What is needed
Locate the string "Plate" in the listing below. Copy every line where it is found.

Supplied material
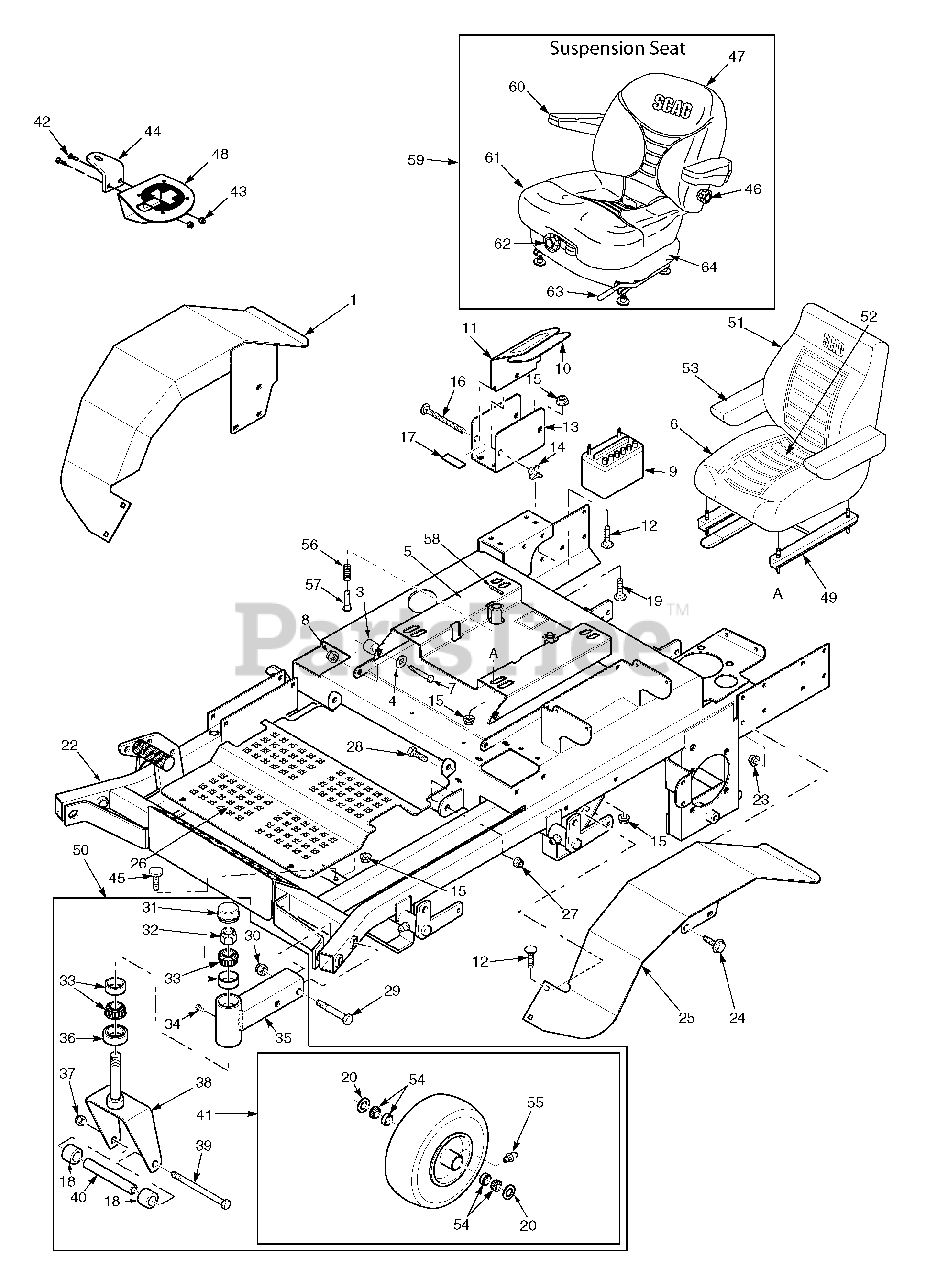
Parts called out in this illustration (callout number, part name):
1	Fender Weldment, RH
2	Bolt, Hex Head, 5/16-18 x 1, Zinc
3	Spacer
4	Flatwasher, 3/8-.391 x .938 x .105
5	Seat Plate Weldment
6	Seat Assembly w/armrest and seat belt
7	Bolt, Hex Head 3/8-16 x 2.0"
8	Nut, Elastic Stop 3/8-16
9	Battery
10	Pad, Battery Cover
11	Cover, Battery
12	Bolt, Carriage 5/16-18 x 3/4"
13	Plate, Battery Box
14	Wing Nut, 1/4-20 x 3/4"
15	Nut, Hex Serrated Flange 5/16-18
16	Bolt, Carriage 1/4-20 x 6"
17	Rubber Pad
18	Spacer, Caster Wheel
19	Bolt, Carriage 5/16-18 x 1"
21	Lock Nut, 3/8-16, Elast. Stop
22	Main Frame
23	Nut, Hex Serrated Flange 3/8-16
24	Screw, Hex Serrated Flange 3/8-16 x 1"
25	Fender Weldment, LH
26	Foot Plate
27	Nut, Hex Elastic Stop 3/8-16
28	Bolt, Hex Head 3/8-16 x 1"
29	Bolt, Hex Head 5/8-11 x 4"
30	Nut, Hex Elastic Stop 5/8-11
31	Cap, Grease
32	Nut, Hex Elastic Stop 1.0-14
33	Bearing W/Race
34	Plug, 1/4-28 THD Form
35	Extention Weldment, Caster 52A
36	Seal, 2.00 OD. x 1.625 Bore
37	Nut, Hex Elastic Stop 1/2-13
38	Yoke Weldment, Caster (52A)
39	Bolt, Hex Head 1/2-13 x 7-1/2" (52A)
40	Sleeve, Caster Wheel (52A)
41	Wheel Assy, 52A
42	Bolt, Hex Head 1/4-20 x 3/4"
43	Bolt, Hex Head 1/4-20 x 3/4"
44	Mounting Bracket, STT Cup Holder
45	Lumbar Kit
46	Cable, Seat Stop
47	Back Cushion Kit
48	Cup Holder Assembly
49	Seat Adjustment, Track Set
50	Caster Wheel Assy 52V
51	Back Cushion Cover
52	Seat Cushion Cover
53	Arm Rest, Right Hand
54	Bearing w/ Race
55	Grease Fitting
56	Spring, Seat
57	Pin Retainer, Spring
58	Roll Pin, Spring 5/32 x 3/4"
59	Suspension Seat Assembly w/seat belt
60	Armrest Only
61	Seat Cushion Kit
62	Weight Adjustment Kit
63	Seat Adjustment, Track Set
64	Shock Absorber Kit
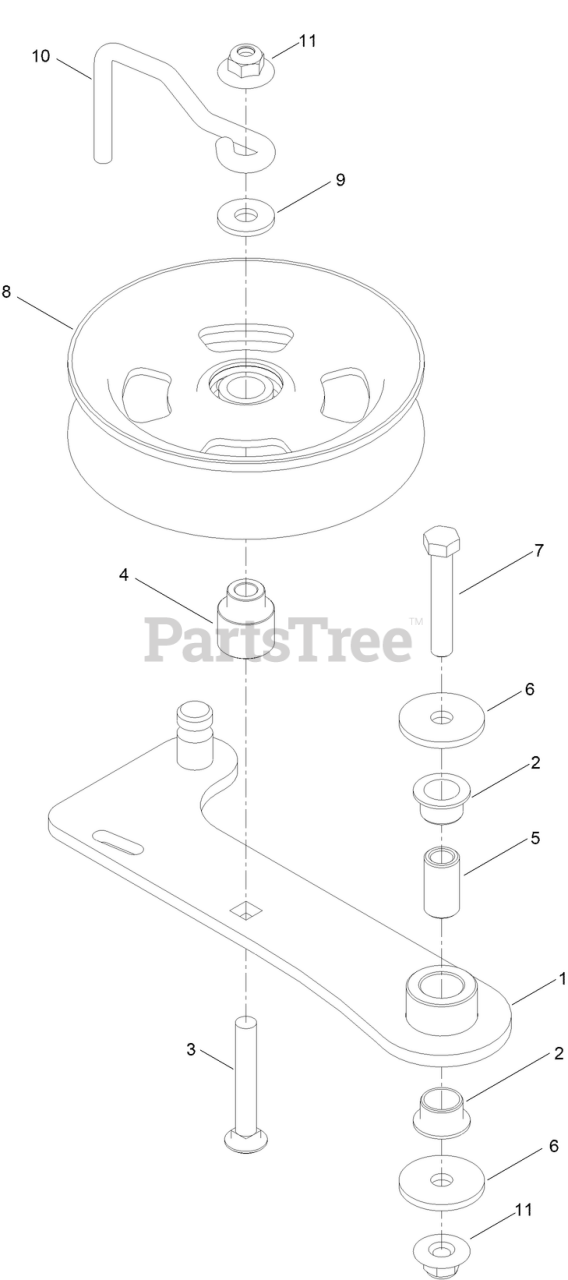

Exercise output
5	Seat Plate Weldment
13	Plate, Battery Box
26	Foot Plate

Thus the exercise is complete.